Have you ever heard of chili peppers that are mild…most of the time? Such is the case with the shishito pepper, a small, slender sweet pepper that originated in Asia.
A year or two ago, I had never heard of these thin-walled, quick cooking peppers that are beginning to pop up in farm share baskets, on restaurant menus, and in the occasional market or grocery store. The growing popularity of these flavorful peppers can be linked to their ability to be enjoyed whole—and in greater quantity than the typical hot pepper–as well as for a certain built-in fun factor.
Generally speaking, shishito peppers are mild. Every once in a while, however, there’s a spicy renegade, and there’s no way to tell which one that might be. At first, I predicted that the bigger peppers would deliver the heat, but that theory didn’t hold water.
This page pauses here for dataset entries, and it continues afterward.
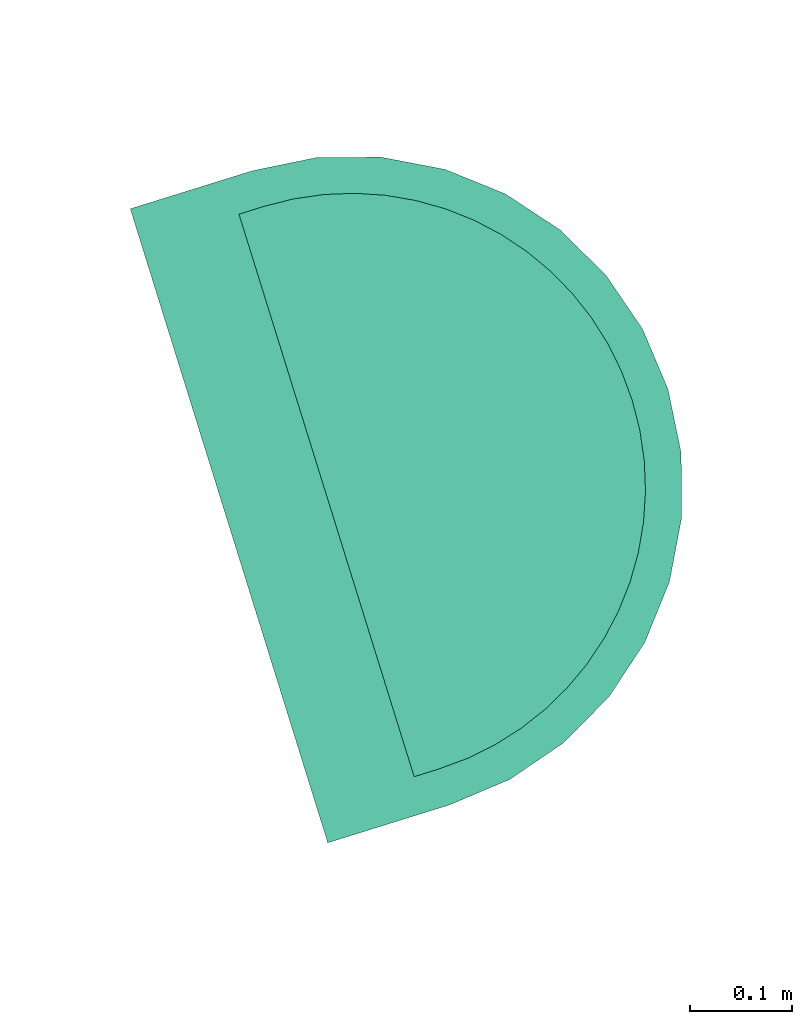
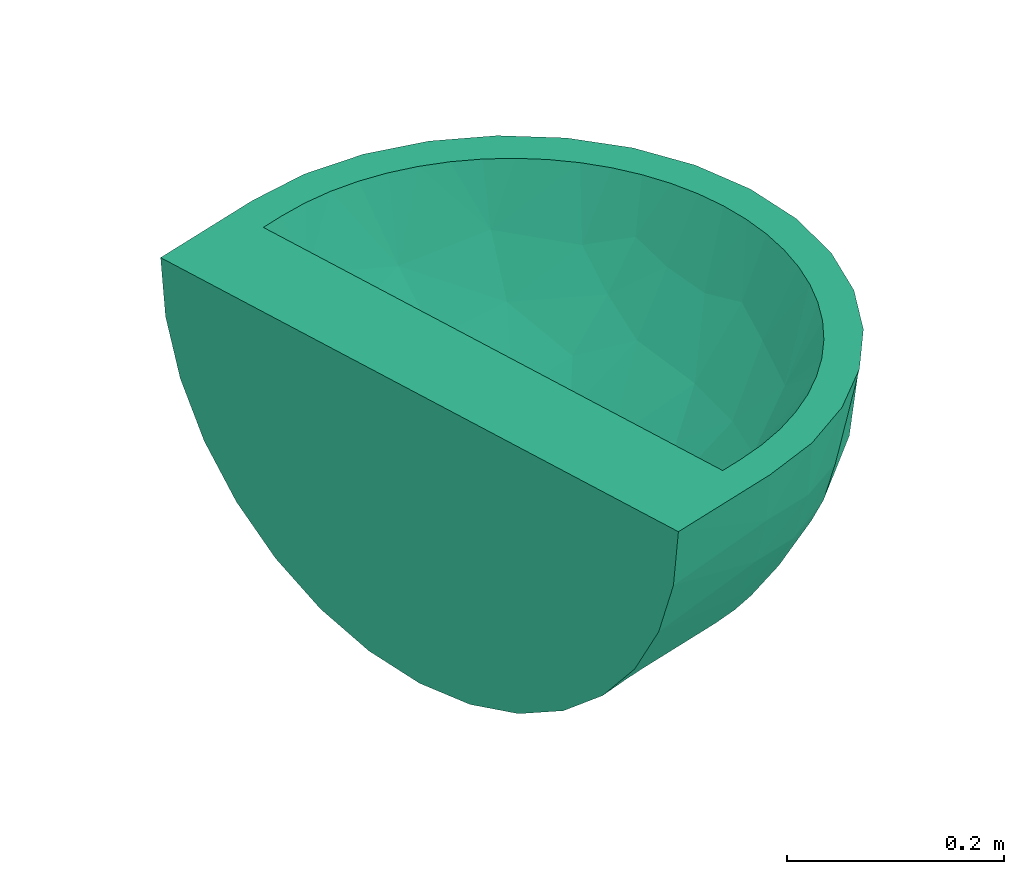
# Not in any storey, part 7 of 17: 1 sanitary terminal.
"""IFC4 model written with IfcOpenShell, lengths in metres."""

from ifc_helpers import new_model, entity, si_unit, converted_unit, direction, frame, origin, place, context, subcontext, project, polygons, source, transform, mapped, material, type_object, type_shapes, element, save


model = new_model("IFC4")

# Units and contexts
model_context = context("Model", 3, precision=1e-05, world=origin(), true_north=direction((6.12323399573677e-17, 1.0)))
body_context = subcontext(model_context, "Body", "Model", "MODEL_VIEW")
ifc_project = project(units=[si_unit("LENGTHUNIT", "METRE"), si_unit("AREAUNIT", "SQUARE_METRE"), converted_unit("PLANEANGLEUNIT", "DEGREE", entity("IfcPlaneAngleMeasure", 0.0174532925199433), si_unit("PLANEANGLEUNIT", "RADIAN"), dimensions=[0, 0, 0, 0, 0, 0, 0]), si_unit("VOLUMEUNIT", "CUBIC_METRE")], contexts=[model_context])

# Sanitary terminal
ifc_material = material(Name="<Unnamed>")
sanitary_terminal_type = type_object("IfcSanitaryTerminalType", Name="NLRS_74_PF_WB_wastafel_gen:wastafel", PredefinedType="SINK", material=ifc_material)
shared_shape = source(origin(), body_context, "Body", "Tessellation", [
    polygons([(-0.303081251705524, 0.175000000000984, -3.7), (-0.303081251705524, 0.0499999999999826, -3.7), (0.021918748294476, 0.0499999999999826, -3.7), (0.021918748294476, 0.150000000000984, -3.7), (-0.266395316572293, 0.150000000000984, -3.7), (-0.266395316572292, 0.175000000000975, -3.7), (-0.264816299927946, 0.205133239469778, -3.7), (-0.260095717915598, 0.234940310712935, -3.7), (-0.252285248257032, 0.264090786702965, -3.7), (-0.241470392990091, 0.292265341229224, -3.7), (-0.227769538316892, 0.319155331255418, -3.7), (-0.21133265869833, 0.344466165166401, -3.7), (-0.192339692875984, 0.367920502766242, -3.7), (-0.170998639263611, 0.389261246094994, -3.7), (-0.147543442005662, 0.408254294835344, -3.7), (-0.122231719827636, 0.424691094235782, -3.7), (-0.0953421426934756, 0.438391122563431, -3.7), (-0.0671705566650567, 0.449204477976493, -3.7), (-0.038024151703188, 0.457013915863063, -3.7), (-0.00821701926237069, 0.461734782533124, -3.7), (0.021918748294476, 0.463314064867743, -3.7), (0.021918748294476, 0.500000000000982, -3.7), (-0.0414856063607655, 0.493755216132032, -3.7), (-0.102453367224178, 0.475260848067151, -3.7), (-0.158641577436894, 0.44522762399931, -3.7), (-0.207890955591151, 0.404809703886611, -3.7), (-0.248308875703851, 0.355560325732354, -3.7), (-0.278342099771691, 0.299372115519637, -3.7), (-0.296836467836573, 0.238404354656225, -3.7), (0.346918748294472, 0.175000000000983, -3.7), (0.340673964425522, 0.238404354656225, -3.7), (0.32217959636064, 0.299372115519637, -3.7), (0.292146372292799, 0.355560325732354, -3.7), (0.2517284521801, 0.404809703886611, -3.7), (0.202479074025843, 0.44522762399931, -3.7), (0.146290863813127, 0.475260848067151, -3.7), (0.0853231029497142, 0.493755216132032, -3.7), (0.0520545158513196, 0.461734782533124, -3.7), (0.0818616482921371, 0.457013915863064, -3.7), (0.111008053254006, 0.449204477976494, -3.7), (0.139179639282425, 0.438391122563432, -3.7), (0.166069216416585, 0.424691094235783, -3.7), (0.191380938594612, 0.408254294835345, -3.7), (0.214836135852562, 0.389261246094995, -3.7), (0.236177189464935, 0.367920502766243, -3.7), (0.255170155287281, 0.344466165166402, -3.7), (0.271607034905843, 0.319155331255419, -3.7), (0.285307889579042, 0.292265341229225, -3.7), (0.296122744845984, 0.264090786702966, -3.7), (0.303933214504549, 0.234940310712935, -3.7), (0.308653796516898, 0.205133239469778, -3.7), (0.310232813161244, 0.175000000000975, -3.7), (0.310232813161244, 0.150000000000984, -3.7), (0.346918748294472, 0.0499999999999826, -3.7), (-0.298628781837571, 0.175000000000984, -3.75361232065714), (-0.285393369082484, 0.175000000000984, -3.8057556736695), (-0.263737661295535, 0.175000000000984, -3.85500134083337), (-0.234255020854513, 0.175000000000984, -3.9), (-0.234255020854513, 0.0749999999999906, -3.9), (-0.193925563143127, 0.0749999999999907, -3.94297372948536), (-0.146498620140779, 0.0749999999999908, -3.97795789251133), (-0.0935337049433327, 0.0749999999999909, -4.00380212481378), (-0.0367724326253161, 0.074999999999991, -4.01965660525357), (0.0219187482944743, 0.074999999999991, -4.025), (0.0806099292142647, 0.074999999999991, -4.01965660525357), (0.137371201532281, 0.0749999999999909, -4.00380212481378), (0.190336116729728, 0.0749999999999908, -3.97795789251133), (0.237763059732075, 0.0749999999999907, -3.94297372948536), (0.278092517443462, 0.0749999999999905, -3.9), (0.278092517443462, 0.175000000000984, -3.9), (0.307575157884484, 0.175000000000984, -3.85500134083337), (0.329230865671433, 0.175000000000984, -3.8057556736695), (0.34246627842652, 0.175000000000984, -3.75361232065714), (0.340673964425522, 0.0499999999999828, -3.76340435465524), (0.32217959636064, 0.049999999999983, -3.82437211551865), (0.292146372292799, 0.0499999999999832, -3.88056032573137), (0.2517284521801, 0.0499999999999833, -3.92980970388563), (0.202479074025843, 0.0499999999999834, -3.97022762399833), (0.146290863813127, 0.0499999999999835, -4.00026084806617), (0.085323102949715, 0.0499999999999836, -4.01875521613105), (0.0219187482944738, 0.0499999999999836, -4.025), (-0.0414856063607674, 0.0499999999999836, -4.01875521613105), (-0.102453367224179, 0.0499999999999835, -4.00026084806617), (-0.158641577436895, 0.0499999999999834, -3.97022762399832), (-0.207890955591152, 0.0499999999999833, -3.92980970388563), (-0.248308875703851, 0.0499999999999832, -3.88056032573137), (-0.278342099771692, 0.049999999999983, -3.82437211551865), (-0.296836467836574, 0.0499999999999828, -3.76340435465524), (-0.21409029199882, 0.0749999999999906, -3.92148686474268), (-0.170212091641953, 0.0749999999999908, -3.96046581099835), (0.214049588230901, 0.0749999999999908, -3.96046581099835), (0.257927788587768, 0.0749999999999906, -3.92148686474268), (0.27193741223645, 0.0499999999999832, -3.9051850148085), (0.227103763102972, 0.0499999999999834, -3.95001866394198), (0.174384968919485, 0.0499999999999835, -3.98524423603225), (0.115806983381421, 0.0499999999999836, -4.00950803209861), (-0.0719694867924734, 0.0499999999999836, -4.00950803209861), (-0.130547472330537, 0.0499999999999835, -3.98524423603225), (-0.183266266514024, 0.0499999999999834, -3.95001866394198), (-0.228099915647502, 0.0499999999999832, -3.9051850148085), (0.163853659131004, 0.0749999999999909, -3.99088000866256), (0.108990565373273, 0.0749999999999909, -4.01172936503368), (-0.0651530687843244, 0.0749999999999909, -4.01172936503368), (-0.120016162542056, 0.0749999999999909, -3.99088000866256), (0.27659082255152, 0.202697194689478, -3.9), (0.272103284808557, 0.230069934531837, -3.9), (0.264682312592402, 0.256797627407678, -3.9), (0.254414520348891, 0.282567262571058, -3.9), (0.24141970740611, 0.307076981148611, -3.9), (0.225849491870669, 0.330039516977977, -3.9), (0.207885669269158, 0.351185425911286, -3.9), (0.18773840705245, 0.370266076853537, -3.9), (0.165644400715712, 0.38705644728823, -3.9), (0.141864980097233, 0.401357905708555, -3.9), (0.116683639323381, 0.413001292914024, -3.9), (0.0904016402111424, 0.421850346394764, -3.9), (0.0633306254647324, 0.427804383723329, -3.9), (0.0357845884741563, 0.430798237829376, -3.9), (0.00807674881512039, 0.43079952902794, -3.9), (-0.0194777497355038, 0.427806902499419, -3.9), (-0.0465597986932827, 0.421851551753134, -3.9), (-0.0728496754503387, 0.412999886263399, -3.9), (-0.0980340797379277, 0.401354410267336, -3.9), (-0.121813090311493, 0.387052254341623, -3.9), (-0.1439051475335, 0.370262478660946, -3.9), (-0.164050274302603, 0.351183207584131, -3.9), (-0.182012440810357, 0.33003893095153, -3.9), (-0.197581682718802, 0.307077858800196, -3.9), (-0.210576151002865, 0.282569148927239, -3.9), (-0.220844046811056, 0.256799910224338, -3.9), (-0.228265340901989, 0.230071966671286, -3.9), (-0.232753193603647, 0.202698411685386, -3.9), (-0.257045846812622, 0.297316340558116, -3.81332461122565), (0.300884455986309, 0.297313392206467, -3.81332505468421), (-0.0097834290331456, 0.496877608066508, -3.7), (-0.205655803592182, 0.378737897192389, -3.81102113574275), (0.249493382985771, 0.378737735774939, -3.81102126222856), (0.0536209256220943, 0.496877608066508, -3.7), (0.0219337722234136, 0.481913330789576, -3.80690747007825), (-0.0719694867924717, 0.484508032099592, -3.7), (0.11580698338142, 0.484508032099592, -3.7), (-0.0425022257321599, 0.471258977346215, -3.81707073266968), (-0.165040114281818, 0.416191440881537, -3.81179477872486), (0.20887408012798, 0.416198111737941, -3.81178629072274), (0.0863501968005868, 0.471256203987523, -3.8170719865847), (-0.23446246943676, 0.305265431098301, -3.85140868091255), (0.278301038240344, 0.305263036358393, -3.85140892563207), (-0.120243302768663, 0.443687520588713, -3.81498681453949), (0.164074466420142, 0.443691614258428, -3.81498507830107), (-0.233336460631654, 0.358005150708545, -3.78353976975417), (0.277175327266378, 0.358003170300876, -3.78353992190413), (-0.290060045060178, 0.240925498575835, -3.76283359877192), (0.333897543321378, 0.240925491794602, -3.76283359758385), (-0.275008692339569, 0.237028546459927, -3.81666856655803), (-0.254394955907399, 0.239447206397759, -3.85850014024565), (-0.272362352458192, 0.296908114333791, -3.76451391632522), (0.31884634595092, 0.237026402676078, -3.81666930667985), (0.298232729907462, 0.239444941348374, -3.85850057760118), (0.316201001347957, 0.296905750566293, -3.76451312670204), (-0.0755829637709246, 0.474402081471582, -3.78047862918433), (-0.0690330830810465, 0.449635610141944, -3.84808121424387), (0.119420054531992, 0.474406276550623, -3.7804635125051), (0.112885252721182, 0.449636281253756, -3.84807095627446), (-0.228099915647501, 0.380185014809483, -3.7), (0.27193741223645, 0.380185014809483, -3.7), (-0.183266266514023, 0.425018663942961, -3.7), (0.227103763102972, 0.425018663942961, -3.7), (-0.130547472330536, 0.460244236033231, -3.7), (0.174384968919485, 0.460244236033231, -3.7), (-0.234514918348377, 0.175000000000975, -3.74966665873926), (-0.194178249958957, 0.175000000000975, -3.79274902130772), (-0.146715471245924, 0.175000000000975, -3.82782638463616), (-0.0936917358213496, 0.175000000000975, -3.85374202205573), (-0.0368555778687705, 0.175000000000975, -3.86964132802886), (0.0219187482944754, 0.175000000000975, -3.875), (0.0806930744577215, 0.175000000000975, -3.86964132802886), (0.137529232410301, 0.175000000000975, -3.85374202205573), (0.190552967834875, 0.175000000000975, -3.82782638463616), (0.238015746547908, 0.175000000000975, -3.79274902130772), (0.278352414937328, 0.175000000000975, -3.74966665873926), (-0.119627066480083, 0.322173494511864, -3.80284332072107), (0.163464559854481, 0.32217349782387, -3.8028433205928), (-0.200517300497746, 0.262511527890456, -3.77020203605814), (0.244354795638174, 0.262511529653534, -3.77020203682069), (-0.162633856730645, 0.347041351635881, -3.75485875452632), (0.206471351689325, 0.347041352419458, -3.75485875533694), (0.00220012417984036, 0.367185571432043, -3.81134437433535), (-0.0912046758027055, 0.393814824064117, -3.76200981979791), (0.135042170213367, 0.393814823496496, -3.76200982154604), (0.0498196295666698, 0.280825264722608, -3.85601887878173), (-0.0620730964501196, 0.266760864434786, -3.85025041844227), (0.160889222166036, 0.248929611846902, -3.83433540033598), (0.0405814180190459, 0.417340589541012, -3.76574926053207), (0.0863370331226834, 0.354389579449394, -3.81323879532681), (-0.00909478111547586, 0.420066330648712, -3.76120050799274), (-0.0478694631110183, 0.381606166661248, -3.79097405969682), (-0.0422183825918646, 0.327597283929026, -3.82968821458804), (-0.0074080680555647, 0.286981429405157, -3.8536858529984), (-0.00719351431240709, 0.22811728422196, -3.869305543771), (-0.0504034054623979, 0.422275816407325, -3.7481140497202), (0.115439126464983, 0.298042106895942, -3.83590134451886), (0.101584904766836, 0.237319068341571, -3.85886022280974), (-0.144773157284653, 0.251326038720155, -3.81835264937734), (0.0860600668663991, 0.418745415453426, -3.75518056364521), (-0.234512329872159, 0.150000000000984, -3.74966998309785), (-0.19417475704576, 0.150000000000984, -3.79275213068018), (-0.146711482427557, 0.150000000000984, -3.8278288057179), (-0.0936885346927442, 0.150000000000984, -3.85374324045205), (-0.0368543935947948, 0.150000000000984, -3.869641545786), (0.021917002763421, 0.150000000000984, -3.87499999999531), (0.080687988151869, 0.150000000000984, -3.86964226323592), (0.137520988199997, 0.150000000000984, -3.85374515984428), (0.19054233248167, 0.150000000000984, -3.82783283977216), (0.238003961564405, 0.150000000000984, -3.79275951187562), (0.278341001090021, 0.150000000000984, -3.74968131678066)], [[[22, 135, 23, 140, 24, 168, 25, 166, 26, 164, 27, 28, 29, 1, 2, 3, 54, 30, 31, 32, 33, 165, 34, 167, 35, 169, 36, 141, 37, 138], [21, 38, 39, 40, 41, 42, 43, 44, 45, 46, 47, 48, 49, 50, 51, 52, 53, 4, 5, 6, 7, 8, 9, 10, 11, 12, 13, 14, 15, 16, 17, 18, 19, 20]], [[55, 2, 1]], [[88, 55, 56]], [[56, 57, 87]], [[89, 100, 59]], [[97, 62, 103]], [[104, 83, 98]], [[82, 103, 63]], [[97, 103, 82]], [[63, 81, 82]], [[57, 58, 59]], [[68, 77, 94]], [[86, 59, 100]], [[86, 87, 57]], [[88, 2, 55]], [[56, 87, 88]], [[59, 86, 57]], [[98, 84, 61]], [[83, 62, 97]], [[60, 99, 85]], [[90, 61, 84]], [[69, 76, 93]], [[90, 99, 60]], [[100, 89, 85]], [[60, 85, 89]], [[78, 67, 91]], [[63, 64, 81]], [[66, 96, 102]], [[83, 104, 62]], [[68, 94, 91]], [[67, 78, 95]], [[79, 101, 95]], [[67, 95, 101]], [[72, 73, 74]], [[69, 70, 71]], [[75, 71, 72]], [[77, 68, 92]], [[81, 64, 65]], [[54, 73, 30]], [[99, 90, 84]], [[102, 80, 65]], [[79, 66, 101]], [[91, 94, 78]], [[80, 102, 96]], [[65, 80, 81]], [[66, 79, 96]], [[93, 77, 92]], [[69, 71, 76]], [[75, 76, 71]], [[72, 74, 75]], [[73, 54, 74]], [[69, 93, 92]], [[98, 61, 104]], [[74, 54, 3, 2, 88, 87, 86, 100, 85, 99, 84, 98, 83, 97, 82, 81, 80, 96, 79, 95, 78, 94, 77, 93, 76, 75]], [[143, 136, 25]], [[32, 159, 33]], [[134, 157, 158]], [[143, 125, 126]], [[146, 150, 136]], [[126, 127, 143]], [[109, 147, 108]], [[136, 143, 127]], [[125, 143, 148]], [[153, 157, 159]], [[121, 122, 161]], [[142, 135, 139]], [[153, 159, 32]], [[119, 120, 142]], [[24, 148, 143]], [[142, 160, 23]], [[147, 151, 134]], [[160, 161, 148]], [[124, 148, 123]], [[140, 148, 24]], [[160, 140, 23]], [[158, 106, 107]], [[128, 146, 136]], [[29, 28, 152]], [[148, 140, 160]], [[55, 152, 56]], [[156, 133, 154]], [[29, 55, 1]], [[152, 55, 29]], [[151, 34, 165]], [[137, 151, 147]], [[156, 28, 27]], [[121, 161, 142]], [[119, 142, 139]], [[131, 155, 130]], [[129, 130, 146]], [[149, 112, 113]], [[150, 26, 166]], [[58, 57, 155]], [[139, 118, 119]], [[56, 154, 57]], [[155, 57, 154]], [[161, 123, 148]], [[138, 145, 139]], [[155, 146, 130]], [[127, 128, 136]], [[133, 164, 150]], [[155, 132, 58]], [[161, 160, 142]], [[145, 138, 37]], [[71, 70, 158]], [[128, 129, 146]], [[139, 135, 22]], [[138, 139, 22]], [[139, 145, 118]], [[135, 142, 23]], [[145, 116, 117]], [[114, 149, 113]], [[149, 141, 36]], [[144, 35, 137]], [[154, 152, 156]], [[146, 155, 133]], [[110, 144, 137]], [[148, 124, 125]], [[163, 145, 162]], [[151, 165, 134]], [[144, 112, 149]], [[137, 109, 110]], [[118, 145, 117]], [[154, 133, 155]], [[162, 145, 37]], [[28, 156, 152]], [[150, 146, 133]], [[24, 143, 25, 168]], [[111, 112, 144]], [[110, 111, 144]], [[116, 145, 163]], [[137, 167, 151]], [[109, 137, 147]], [[120, 121, 142]], [[71, 158, 157]], [[107, 147, 158]], [[162, 37, 141]], [[147, 134, 158]], [[107, 108, 147]], [[157, 72, 71]], [[70, 105, 158]], [[152, 154, 56]], [[153, 31, 73]], [[114, 115, 163]], [[137, 35, 167]], [[156, 164, 133]], [[30, 73, 31]], [[153, 73, 72]], [[150, 166, 136]], [[157, 134, 159]], [[105, 106, 158]], [[31, 153, 32]], [[144, 36, 169, 35]], [[155, 131, 132]], [[164, 26, 150]], [[159, 134, 165]], [[157, 153, 72]], [[161, 122, 123]], [[141, 149, 162]], [[149, 114, 163]], [[149, 163, 162]], [[116, 163, 115]], [[164, 156, 27]], [[165, 33, 159]], [[25, 136, 166]], [[34, 151, 167]], [[36, 144, 149]], [[16, 15, 185]], [[190, 187, 198]], [[14, 13, 185]], [[199, 202, 190]], [[197, 198, 187]], [[183, 185, 11]], [[188, 17, 16]], [[191, 197, 181]], [[21, 195, 193]], [[193, 194, 204]], [[191, 203, 173]], [[197, 187, 196]], [[195, 200, 196]], [[20, 195, 21]], [[188, 16, 185]], [[195, 196, 187]], [[188, 196, 200]], [[198, 197, 191]], [[8, 183, 9]], [[188, 200, 18]], [[8, 7, 170]], [[201, 194, 190]], [[192, 201, 202]], [[170, 7, 6]], [[10, 9, 183]], [[20, 19, 200]], [[203, 183, 171]], [[173, 203, 172]], [[190, 202, 201]], [[171, 183, 170]], [[170, 183, 8]], [[185, 13, 12]], [[10, 183, 11]], [[179, 184, 178]], [[17, 188, 18]], [[12, 11, 185]], [[198, 199, 190]], [[14, 185, 15]], [[196, 188, 181]], [[174, 199, 191]], [[195, 187, 193]], [[182, 189, 194]], [[186, 42, 189]], [[182, 192, 184]], [[202, 176, 177]], [[189, 41, 40]], [[39, 38, 204]], [[43, 42, 186]], [[45, 44, 186]], [[197, 196, 181]], [[186, 184, 47]], [[194, 193, 187]], [[204, 189, 40]], [[186, 47, 46]], [[194, 201, 182]], [[44, 43, 186]], [[174, 175, 199]], [[48, 47, 184]], [[42, 41, 189]], [[174, 191, 173]], [[178, 184, 192]], [[192, 177, 178]], [[182, 184, 186]], [[181, 183, 203]], [[199, 198, 191]], [[181, 188, 185]], [[179, 180, 184]], [[200, 195, 20]], [[18, 200, 19]], [[180, 50, 184]], [[52, 51, 180]], [[50, 180, 51]], [[38, 21, 193]], [[46, 45, 186]], [[202, 199, 175]], [[184, 50, 49]], [[48, 184, 49]], [[181, 185, 183]], [[192, 182, 201]], [[40, 39, 204]], [[190, 194, 187]], [[182, 186, 189]], [[192, 202, 177]], [[175, 176, 202]], [[181, 203, 191]], [[172, 203, 171]], [[189, 204, 194]], [[193, 204, 38]], [[6, 5, 170]], [[170, 205, 171]], [[173, 172, 207]], [[206, 172, 171]], [[174, 173, 208]], [[170, 5, 205]], [[171, 205, 206]], [[174, 209, 210]], [[173, 207, 208]], [[174, 208, 209]], [[207, 172, 206]], [[210, 175, 174]], [[176, 175, 211]], [[176, 212, 177]], [[179, 178, 214]], [[213, 178, 177]], [[180, 179, 215]], [[212, 176, 211]], [[213, 177, 212]], [[214, 215, 179]], [[178, 213, 214]], [[53, 180, 215]], [[180, 53, 52]], [[210, 211, 175]], [[215, 214, 213, 212, 211, 210, 209, 208, 207, 206, 205, 5, 4, 53]], [[67, 101, 66, 102, 65, 64, 63, 103, 62, 104, 61, 90, 60, 89, 59, 69, 92, 68, 91]], [[69, 59, 58, 132, 131, 130, 129, 128, 127, 126, 125, 124, 123, 122, 121, 120, 119, 118, 117, 116, 115, 114, 113, 112, 111, 110, 109, 108, 107, 106, 105, 70]]], closed=True),
])
type_shapes(sanitary_terminal_type, [shared_shape])
placement_1 = place(None, frame((13.1347999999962, 11.9886000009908, 0.0), z_axis=(0.0, 0.0, 1.0), x_axis=(0.954770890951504, 0.297342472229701, 0.0)))
placement_2 = place(placement_1, origin())
placement_3 = place(placement_2, frame((0.0, 0.0, 3.9)))
placement_4 = place(placement_3, origin())
sanitary_terminal_placement = place(placement_4, frame((62.2250000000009, 16.1469187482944, 4.525), z_axis=(0.0, 0.0, 1.0), x_axis=(0.0, -1.0, 0.0)))
element("IfcSanitaryTerminal", 1, at=sanitary_terminal_placement, type_object=sanitary_terminal_type, material=ifc_material, Name="NLRS_74_PF_WB_wastafel_gen:wastafel", ObjectType="NLRS_74_PF_WB_wastafel_gen:wastafel", PredefinedType="SINK", context=body_context, shape_type="MappedRepresentation", body=[
    mapped(shared_shape, transform((0.0, 0.0, 0.0), scale=1.0)),
])

save(model, "model.ifc")

I lucked upon the lone spicy pepper in our first batch, and it was nothing to fear. The spice level was similar to a medium salsa. In subsequent batches, I’ve had just two that got my attention with some added zip.
We’ve enjoyed these as an appetizer (pair with a bowl of edamame in the shell if you want to bolster the offerings while keeping it simple) and as an easy veggie side to grilled chicken and fish. Most recently, they were a welcome complement to steak and corn on the cob.
A final word of advice: buy more than you think you’ll need as they disappear quickly! For a steady supply, you may even try planting these in your garden next year.
Where and what to buy: Keep your eye out for shishito peppers between two inches and five inches long. They should be bright green and very firm. Fresh shishitos are increasingly available in grocery stores and farmers markets well into the fall. You may be able to find packages of shishito peppers at Asian grocery stores throughout the year.
For locals, my source for these peppers has been Brooklawn Farm Market on Lititz Pike. They are growing shishito peppers for the first time this summer, so they are assessing the yield as the summer progresses. Kegel’s Produce Playground on Old Tree Drive recently stocked the peppers. (Call ahead to verify availability on any given day.) Stauffer’s is planning to carry these peppers for a limited time. I also spied them on the menu at Luca, a new restaurant on James Street, and have heard from readers who have received them in their weekly farm share boxes.
If you can’t find shishito peppers, or their Spanish cousin Padrón peppers, look for the widely available mini bell peppers or varieties that Brooklawn calls seasoning peppers. These will offer a range of flavor—with no spicy surprises–and although different than the shishitos, their vibrant colors and diminutive size make them an equally appealing side dish. Unlike their full-size counterparts, they have practically no seeds so can be cooked whole. (Try skewering them for added ease on the grill.) Follow the instructions for the shishito peppers, adding a few minutes to the grilling time, as needed, to account for variations in the thickness of the pepper walls.
Serve these sweet and (almost always!) mild Japanese peppers as a quick, easy, and surprisingly popular appetizer or side dish.
- 1 pint (about 5 ounces) shishito peppers
- 2 teaspoons olive oil
- Kosher or coarse sea salt
Preheat the grill to medium-high heat. (See notes for skillet method.)
In a medium bowl, toss the peppers with the olive oil. You want just enough to very lightly coat. Sprinkle with kosher or sea salt to taste (I use about 1/4 teaspoon kosher salt), and toss again to distribute.
Place the peppers on the grill in a single layer. (You may use a grill pan or basket, but we have carefully placed them across the grates with no lost peppers yet!) Cook for about 5 minutes, turning occasionally, or until peppers are lightly charred but still have some structure to them. (They shouldn’t flop over when you pick them up. Smaller peppers may cook more quickly.) Remove to a plate or bowl and serve them hot. To eat, pick the pepper up by the stem end and eat the whole thing, minus the stem.
- To prepare in a skillet (cast iron works well), heat the oil over high heat. Add the shishito peppers, stirring or flipping them until they are lightly coated in the oil. Cook, turning the peppers in the pan, until they are tender with a hint of firmness and brown in spots, 3 to 5 minutes, depending on size. Toss with coarse salt, to taste.
- You could absolutely do something fancier with these peppers, but they’re really good just like this. A friend recently mentioned that she likes to drizzle a little toasted sesame oil or soy sauce over the cooked peppers, and a simple mayo or sour cream based dip (even your favorite ranch dressing) would work well. We’ve enjoyed them with nothing more than a simple sprinkle of salt. Chop the rare leftovers and mix into an omelet or other egg dish. It’s a delicious addition!
You can use either Japanese shishito or Spanish padron peppers for this dish. They look nearly identical and both have a mellow, slightly sweet flavor — except for the occasional spicy surprise!The preparation couldn’t be simpler, and the flavor delivered by these little peppers is fantastic.